Exercise directions: Please report how many lines of the listing contain the string "name", giving the number only.

● ● ● ● ●

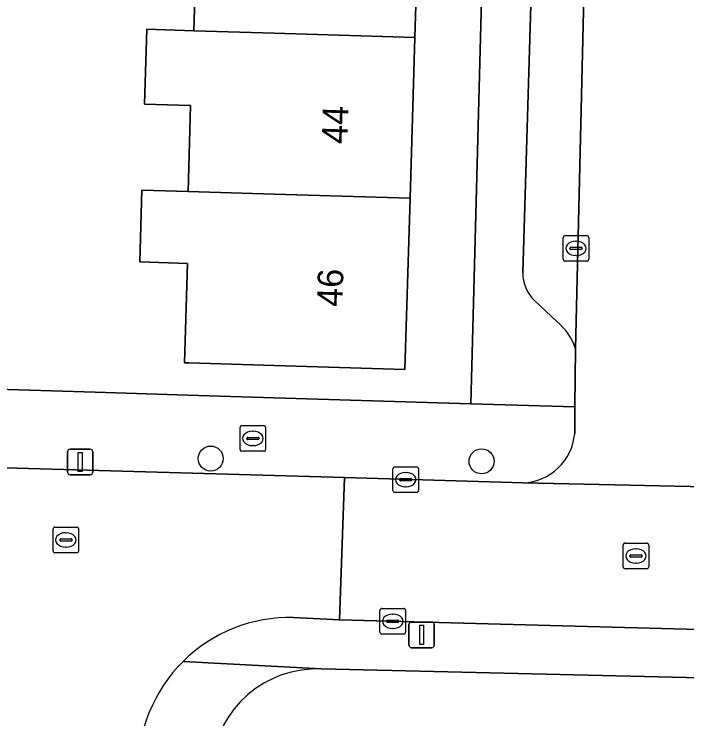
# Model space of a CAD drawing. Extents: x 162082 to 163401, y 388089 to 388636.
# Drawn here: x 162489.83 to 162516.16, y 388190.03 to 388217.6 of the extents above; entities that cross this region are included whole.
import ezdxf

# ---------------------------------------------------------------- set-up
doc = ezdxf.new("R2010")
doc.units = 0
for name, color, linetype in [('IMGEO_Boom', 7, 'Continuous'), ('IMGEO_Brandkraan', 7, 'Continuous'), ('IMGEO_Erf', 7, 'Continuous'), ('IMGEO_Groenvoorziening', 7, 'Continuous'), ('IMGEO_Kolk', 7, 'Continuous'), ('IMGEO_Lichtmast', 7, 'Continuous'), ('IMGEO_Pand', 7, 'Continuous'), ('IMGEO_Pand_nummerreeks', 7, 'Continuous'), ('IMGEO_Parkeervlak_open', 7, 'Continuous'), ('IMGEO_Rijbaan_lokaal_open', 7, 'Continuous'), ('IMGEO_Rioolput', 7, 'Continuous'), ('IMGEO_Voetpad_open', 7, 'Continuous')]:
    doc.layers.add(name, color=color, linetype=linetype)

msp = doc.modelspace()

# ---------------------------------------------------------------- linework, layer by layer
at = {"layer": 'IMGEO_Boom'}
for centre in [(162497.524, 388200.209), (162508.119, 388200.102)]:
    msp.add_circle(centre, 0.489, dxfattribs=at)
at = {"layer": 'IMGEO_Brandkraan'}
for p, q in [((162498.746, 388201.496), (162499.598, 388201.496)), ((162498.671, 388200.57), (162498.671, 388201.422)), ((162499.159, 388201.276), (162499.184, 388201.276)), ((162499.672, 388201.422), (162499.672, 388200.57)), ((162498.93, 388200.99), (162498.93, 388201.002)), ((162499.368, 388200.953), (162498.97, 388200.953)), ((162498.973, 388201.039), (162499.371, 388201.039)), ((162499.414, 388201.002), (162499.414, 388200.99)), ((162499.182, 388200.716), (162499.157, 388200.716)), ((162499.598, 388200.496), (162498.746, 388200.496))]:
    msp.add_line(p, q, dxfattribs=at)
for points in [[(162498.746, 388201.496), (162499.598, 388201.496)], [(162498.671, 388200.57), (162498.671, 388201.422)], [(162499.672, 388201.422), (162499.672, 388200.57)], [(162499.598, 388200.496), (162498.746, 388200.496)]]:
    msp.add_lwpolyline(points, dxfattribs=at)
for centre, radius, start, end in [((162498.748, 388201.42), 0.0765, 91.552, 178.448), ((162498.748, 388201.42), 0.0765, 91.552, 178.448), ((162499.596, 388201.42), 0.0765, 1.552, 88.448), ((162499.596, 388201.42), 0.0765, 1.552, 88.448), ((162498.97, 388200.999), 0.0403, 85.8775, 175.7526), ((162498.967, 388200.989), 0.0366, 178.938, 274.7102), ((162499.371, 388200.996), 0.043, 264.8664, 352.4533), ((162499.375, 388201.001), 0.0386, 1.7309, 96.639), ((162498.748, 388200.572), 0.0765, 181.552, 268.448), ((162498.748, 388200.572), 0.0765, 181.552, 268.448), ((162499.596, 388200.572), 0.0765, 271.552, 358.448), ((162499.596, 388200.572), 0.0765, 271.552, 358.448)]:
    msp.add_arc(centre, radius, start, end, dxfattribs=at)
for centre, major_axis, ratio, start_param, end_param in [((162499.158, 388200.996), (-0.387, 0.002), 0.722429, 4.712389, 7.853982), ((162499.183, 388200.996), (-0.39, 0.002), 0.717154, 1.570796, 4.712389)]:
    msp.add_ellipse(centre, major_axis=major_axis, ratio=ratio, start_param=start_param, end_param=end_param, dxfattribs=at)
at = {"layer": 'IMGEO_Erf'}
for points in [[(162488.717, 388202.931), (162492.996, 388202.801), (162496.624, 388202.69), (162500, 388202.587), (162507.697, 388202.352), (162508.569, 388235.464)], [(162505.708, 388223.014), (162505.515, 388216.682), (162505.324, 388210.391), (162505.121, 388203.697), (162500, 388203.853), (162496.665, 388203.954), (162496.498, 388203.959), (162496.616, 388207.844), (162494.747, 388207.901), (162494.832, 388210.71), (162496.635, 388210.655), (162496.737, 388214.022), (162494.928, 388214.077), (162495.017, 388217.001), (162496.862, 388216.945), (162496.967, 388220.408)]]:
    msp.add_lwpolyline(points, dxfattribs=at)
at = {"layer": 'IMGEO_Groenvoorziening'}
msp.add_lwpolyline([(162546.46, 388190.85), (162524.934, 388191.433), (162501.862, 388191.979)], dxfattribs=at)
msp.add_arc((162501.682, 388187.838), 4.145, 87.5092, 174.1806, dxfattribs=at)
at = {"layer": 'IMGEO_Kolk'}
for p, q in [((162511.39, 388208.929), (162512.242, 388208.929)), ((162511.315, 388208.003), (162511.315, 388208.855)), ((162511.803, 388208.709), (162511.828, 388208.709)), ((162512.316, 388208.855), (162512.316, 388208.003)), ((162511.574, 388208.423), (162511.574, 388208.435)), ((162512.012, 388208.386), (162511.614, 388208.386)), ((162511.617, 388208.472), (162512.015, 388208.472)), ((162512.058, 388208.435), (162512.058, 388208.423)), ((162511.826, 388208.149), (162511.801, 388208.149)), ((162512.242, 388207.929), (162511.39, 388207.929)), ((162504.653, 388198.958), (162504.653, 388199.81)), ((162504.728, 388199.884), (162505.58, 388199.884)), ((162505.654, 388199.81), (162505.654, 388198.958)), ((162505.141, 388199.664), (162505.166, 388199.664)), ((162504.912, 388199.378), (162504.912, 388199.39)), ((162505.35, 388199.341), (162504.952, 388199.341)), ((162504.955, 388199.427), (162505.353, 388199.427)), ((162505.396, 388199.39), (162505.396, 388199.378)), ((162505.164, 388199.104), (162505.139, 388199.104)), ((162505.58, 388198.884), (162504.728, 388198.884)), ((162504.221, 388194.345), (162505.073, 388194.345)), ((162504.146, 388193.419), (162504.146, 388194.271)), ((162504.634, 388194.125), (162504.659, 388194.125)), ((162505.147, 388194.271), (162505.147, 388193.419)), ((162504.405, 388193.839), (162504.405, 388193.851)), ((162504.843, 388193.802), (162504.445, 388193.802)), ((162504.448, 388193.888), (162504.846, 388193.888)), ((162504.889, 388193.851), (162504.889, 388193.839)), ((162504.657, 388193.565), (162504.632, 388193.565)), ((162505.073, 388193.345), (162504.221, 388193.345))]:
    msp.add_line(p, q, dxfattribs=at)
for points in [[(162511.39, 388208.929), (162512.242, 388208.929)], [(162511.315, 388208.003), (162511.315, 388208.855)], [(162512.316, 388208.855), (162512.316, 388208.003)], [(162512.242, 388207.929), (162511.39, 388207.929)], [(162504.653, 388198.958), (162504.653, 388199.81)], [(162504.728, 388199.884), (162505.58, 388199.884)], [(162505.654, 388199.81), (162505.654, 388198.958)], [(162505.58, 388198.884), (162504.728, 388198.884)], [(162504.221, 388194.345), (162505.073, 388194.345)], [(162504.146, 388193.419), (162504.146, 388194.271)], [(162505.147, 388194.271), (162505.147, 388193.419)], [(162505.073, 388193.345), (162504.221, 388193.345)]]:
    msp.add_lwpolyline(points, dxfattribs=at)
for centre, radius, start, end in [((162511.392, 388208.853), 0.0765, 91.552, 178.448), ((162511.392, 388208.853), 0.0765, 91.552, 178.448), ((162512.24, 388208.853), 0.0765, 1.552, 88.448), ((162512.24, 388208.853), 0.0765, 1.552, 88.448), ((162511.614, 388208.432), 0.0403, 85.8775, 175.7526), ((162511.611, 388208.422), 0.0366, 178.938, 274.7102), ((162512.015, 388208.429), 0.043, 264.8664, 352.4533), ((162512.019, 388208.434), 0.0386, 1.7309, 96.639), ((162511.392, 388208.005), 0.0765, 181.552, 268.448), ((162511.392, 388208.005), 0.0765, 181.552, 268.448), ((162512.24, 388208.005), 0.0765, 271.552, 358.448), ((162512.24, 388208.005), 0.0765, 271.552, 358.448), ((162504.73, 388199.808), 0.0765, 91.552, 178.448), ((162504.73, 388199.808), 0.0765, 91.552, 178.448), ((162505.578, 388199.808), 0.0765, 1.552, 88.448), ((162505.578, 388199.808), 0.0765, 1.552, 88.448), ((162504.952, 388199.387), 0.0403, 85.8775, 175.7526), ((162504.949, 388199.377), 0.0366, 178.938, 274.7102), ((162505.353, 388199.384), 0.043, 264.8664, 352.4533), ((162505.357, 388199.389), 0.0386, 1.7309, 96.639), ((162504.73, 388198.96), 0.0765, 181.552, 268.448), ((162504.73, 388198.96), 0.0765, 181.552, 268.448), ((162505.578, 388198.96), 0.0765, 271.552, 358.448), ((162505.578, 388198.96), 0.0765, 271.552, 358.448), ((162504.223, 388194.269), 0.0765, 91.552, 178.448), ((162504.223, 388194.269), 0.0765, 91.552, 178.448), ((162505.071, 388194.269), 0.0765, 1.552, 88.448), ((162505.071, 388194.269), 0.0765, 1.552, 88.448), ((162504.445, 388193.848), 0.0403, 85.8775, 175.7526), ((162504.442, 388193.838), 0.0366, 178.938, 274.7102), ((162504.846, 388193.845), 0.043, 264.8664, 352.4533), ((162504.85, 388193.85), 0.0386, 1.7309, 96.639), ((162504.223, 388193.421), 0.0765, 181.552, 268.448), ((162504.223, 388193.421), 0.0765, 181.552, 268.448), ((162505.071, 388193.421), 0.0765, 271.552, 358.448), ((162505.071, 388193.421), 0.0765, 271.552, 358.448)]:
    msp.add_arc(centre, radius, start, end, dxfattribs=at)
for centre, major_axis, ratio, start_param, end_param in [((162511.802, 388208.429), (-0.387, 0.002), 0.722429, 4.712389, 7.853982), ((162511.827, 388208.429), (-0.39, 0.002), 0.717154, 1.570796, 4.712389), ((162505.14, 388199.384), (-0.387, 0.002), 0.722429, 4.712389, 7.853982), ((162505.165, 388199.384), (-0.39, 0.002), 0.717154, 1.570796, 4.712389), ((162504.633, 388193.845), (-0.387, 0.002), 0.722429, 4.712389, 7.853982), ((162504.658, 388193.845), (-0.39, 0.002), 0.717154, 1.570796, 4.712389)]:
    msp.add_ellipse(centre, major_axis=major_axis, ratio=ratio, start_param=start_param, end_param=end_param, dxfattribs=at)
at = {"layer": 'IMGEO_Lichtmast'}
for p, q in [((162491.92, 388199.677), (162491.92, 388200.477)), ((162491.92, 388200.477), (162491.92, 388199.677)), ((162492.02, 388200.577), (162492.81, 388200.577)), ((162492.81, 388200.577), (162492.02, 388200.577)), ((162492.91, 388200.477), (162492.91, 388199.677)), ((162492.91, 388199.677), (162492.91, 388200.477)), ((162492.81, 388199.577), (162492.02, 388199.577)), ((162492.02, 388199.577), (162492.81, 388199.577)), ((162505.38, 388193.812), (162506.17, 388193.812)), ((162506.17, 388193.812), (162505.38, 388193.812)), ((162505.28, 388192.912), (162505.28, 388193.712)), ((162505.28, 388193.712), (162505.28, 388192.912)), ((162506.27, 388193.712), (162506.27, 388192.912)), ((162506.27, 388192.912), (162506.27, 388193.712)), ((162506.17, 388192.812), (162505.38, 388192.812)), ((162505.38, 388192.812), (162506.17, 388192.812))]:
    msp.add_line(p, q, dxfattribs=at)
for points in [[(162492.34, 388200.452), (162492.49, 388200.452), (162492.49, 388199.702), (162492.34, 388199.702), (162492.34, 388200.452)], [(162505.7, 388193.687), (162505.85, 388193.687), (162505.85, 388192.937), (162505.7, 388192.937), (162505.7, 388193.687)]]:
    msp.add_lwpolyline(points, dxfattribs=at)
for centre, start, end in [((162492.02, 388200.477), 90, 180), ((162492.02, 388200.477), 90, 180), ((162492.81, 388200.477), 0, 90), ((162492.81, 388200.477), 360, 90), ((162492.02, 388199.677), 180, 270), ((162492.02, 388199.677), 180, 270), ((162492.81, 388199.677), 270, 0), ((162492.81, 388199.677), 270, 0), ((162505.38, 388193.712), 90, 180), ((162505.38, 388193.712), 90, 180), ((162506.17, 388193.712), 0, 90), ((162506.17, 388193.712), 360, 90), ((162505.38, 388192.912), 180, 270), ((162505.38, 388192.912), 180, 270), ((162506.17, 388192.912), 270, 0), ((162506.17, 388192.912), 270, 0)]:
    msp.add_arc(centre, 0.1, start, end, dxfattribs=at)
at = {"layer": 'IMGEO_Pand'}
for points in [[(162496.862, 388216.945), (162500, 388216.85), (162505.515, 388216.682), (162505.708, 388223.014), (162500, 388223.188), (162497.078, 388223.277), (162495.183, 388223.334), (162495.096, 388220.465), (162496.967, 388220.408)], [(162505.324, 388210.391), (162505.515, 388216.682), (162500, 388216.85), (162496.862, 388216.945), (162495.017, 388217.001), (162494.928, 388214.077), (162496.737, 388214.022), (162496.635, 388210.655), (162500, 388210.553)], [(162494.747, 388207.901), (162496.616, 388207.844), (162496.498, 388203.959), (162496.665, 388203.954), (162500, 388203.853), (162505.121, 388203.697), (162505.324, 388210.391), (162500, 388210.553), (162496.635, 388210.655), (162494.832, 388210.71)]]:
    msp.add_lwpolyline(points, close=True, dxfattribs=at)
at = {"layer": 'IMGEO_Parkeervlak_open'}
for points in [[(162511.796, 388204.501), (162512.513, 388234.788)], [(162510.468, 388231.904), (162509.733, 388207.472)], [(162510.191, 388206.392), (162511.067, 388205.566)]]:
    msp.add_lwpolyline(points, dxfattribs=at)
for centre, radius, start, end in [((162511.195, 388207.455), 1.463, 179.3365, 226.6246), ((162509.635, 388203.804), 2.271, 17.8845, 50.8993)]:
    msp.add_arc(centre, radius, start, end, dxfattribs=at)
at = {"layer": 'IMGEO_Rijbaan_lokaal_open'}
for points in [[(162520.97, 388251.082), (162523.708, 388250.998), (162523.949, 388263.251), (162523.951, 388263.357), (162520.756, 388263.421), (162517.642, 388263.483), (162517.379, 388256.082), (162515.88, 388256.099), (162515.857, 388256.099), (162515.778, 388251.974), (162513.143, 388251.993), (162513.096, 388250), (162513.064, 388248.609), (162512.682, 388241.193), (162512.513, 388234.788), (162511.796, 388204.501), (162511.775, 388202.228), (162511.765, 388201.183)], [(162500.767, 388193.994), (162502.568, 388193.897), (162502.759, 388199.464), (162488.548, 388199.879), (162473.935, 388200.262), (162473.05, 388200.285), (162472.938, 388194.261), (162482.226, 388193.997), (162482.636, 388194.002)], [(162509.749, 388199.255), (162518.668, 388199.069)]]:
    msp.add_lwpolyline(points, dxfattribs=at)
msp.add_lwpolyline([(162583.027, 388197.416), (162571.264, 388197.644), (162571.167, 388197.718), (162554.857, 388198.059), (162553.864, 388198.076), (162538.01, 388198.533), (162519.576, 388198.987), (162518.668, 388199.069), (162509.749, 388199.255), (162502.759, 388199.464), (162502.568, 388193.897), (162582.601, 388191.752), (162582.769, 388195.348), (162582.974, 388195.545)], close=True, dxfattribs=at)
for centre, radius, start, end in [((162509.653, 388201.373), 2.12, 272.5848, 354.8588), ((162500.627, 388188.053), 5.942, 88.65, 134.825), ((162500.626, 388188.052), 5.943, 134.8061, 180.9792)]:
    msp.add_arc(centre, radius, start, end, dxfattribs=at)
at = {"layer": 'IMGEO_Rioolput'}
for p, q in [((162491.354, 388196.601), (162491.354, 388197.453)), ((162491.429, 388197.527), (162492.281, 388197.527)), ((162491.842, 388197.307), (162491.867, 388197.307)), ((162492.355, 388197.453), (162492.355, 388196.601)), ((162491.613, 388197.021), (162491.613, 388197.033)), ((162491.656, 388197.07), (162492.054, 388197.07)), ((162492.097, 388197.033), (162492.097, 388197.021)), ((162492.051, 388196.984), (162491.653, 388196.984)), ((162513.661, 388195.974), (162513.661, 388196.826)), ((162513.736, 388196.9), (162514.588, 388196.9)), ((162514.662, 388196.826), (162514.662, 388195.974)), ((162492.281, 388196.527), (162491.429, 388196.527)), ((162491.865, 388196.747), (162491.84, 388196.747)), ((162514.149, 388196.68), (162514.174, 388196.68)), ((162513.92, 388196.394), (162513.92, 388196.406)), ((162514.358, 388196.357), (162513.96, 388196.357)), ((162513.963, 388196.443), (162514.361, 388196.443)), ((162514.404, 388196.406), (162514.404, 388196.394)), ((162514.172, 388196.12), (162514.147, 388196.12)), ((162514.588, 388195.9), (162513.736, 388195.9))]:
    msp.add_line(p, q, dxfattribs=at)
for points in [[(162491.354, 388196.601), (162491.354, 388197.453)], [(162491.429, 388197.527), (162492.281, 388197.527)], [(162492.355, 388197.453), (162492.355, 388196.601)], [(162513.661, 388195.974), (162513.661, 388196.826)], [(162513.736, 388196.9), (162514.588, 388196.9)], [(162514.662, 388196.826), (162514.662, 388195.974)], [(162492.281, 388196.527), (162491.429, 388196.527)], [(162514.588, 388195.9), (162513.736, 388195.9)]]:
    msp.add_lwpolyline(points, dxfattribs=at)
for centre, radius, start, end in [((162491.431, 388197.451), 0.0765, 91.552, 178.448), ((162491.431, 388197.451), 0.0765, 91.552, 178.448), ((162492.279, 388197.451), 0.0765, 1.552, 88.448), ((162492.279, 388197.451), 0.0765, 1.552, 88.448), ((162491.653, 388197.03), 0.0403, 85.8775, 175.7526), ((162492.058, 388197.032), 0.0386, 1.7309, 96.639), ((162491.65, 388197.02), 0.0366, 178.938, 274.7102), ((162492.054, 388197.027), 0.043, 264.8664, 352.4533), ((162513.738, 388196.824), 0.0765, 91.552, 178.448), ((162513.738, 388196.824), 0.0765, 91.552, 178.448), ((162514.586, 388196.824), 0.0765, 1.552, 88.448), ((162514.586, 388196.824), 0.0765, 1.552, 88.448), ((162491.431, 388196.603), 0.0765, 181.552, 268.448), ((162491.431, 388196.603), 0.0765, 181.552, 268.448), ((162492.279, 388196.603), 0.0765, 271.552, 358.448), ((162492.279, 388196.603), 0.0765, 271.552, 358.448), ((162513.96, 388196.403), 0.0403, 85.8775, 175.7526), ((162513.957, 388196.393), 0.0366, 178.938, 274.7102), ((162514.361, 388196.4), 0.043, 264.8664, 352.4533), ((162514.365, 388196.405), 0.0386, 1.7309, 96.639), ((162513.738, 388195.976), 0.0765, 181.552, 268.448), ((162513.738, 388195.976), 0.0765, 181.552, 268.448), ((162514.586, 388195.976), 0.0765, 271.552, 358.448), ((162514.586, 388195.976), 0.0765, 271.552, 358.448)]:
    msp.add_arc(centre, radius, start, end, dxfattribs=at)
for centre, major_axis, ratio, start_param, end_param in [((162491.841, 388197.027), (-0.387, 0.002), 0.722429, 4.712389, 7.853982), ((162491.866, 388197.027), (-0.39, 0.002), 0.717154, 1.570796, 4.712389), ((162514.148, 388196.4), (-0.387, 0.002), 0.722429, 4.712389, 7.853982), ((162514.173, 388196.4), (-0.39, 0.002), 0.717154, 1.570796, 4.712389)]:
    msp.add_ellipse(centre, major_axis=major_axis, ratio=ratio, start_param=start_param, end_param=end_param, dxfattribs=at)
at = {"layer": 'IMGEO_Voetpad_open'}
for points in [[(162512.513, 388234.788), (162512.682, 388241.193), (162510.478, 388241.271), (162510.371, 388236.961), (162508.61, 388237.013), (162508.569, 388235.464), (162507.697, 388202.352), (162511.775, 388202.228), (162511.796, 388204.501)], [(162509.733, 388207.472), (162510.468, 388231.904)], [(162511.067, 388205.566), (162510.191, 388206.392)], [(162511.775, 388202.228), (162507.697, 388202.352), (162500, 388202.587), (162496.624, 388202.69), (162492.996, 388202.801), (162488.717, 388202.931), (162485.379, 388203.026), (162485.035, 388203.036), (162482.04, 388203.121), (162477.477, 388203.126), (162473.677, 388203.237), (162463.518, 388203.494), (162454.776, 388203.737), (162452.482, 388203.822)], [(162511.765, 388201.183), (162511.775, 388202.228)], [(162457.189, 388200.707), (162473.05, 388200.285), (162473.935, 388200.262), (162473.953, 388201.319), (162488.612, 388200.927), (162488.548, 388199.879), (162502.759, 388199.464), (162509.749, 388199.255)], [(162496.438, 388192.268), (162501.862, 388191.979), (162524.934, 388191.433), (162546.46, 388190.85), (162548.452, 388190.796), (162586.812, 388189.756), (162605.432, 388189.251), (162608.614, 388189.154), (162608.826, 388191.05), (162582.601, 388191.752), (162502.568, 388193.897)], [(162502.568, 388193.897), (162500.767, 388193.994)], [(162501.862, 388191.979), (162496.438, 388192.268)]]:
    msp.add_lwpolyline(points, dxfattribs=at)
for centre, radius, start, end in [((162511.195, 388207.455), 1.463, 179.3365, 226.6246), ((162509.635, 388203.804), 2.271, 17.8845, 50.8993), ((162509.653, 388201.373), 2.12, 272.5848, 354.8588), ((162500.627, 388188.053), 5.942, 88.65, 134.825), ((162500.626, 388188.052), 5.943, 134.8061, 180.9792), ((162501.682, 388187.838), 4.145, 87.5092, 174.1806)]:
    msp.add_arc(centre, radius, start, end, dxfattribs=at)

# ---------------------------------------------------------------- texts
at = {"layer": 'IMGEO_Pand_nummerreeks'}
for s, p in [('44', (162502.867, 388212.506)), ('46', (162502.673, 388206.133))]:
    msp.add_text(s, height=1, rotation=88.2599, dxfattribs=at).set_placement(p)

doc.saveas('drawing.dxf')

● ● ● ● ●

Exercise response: 2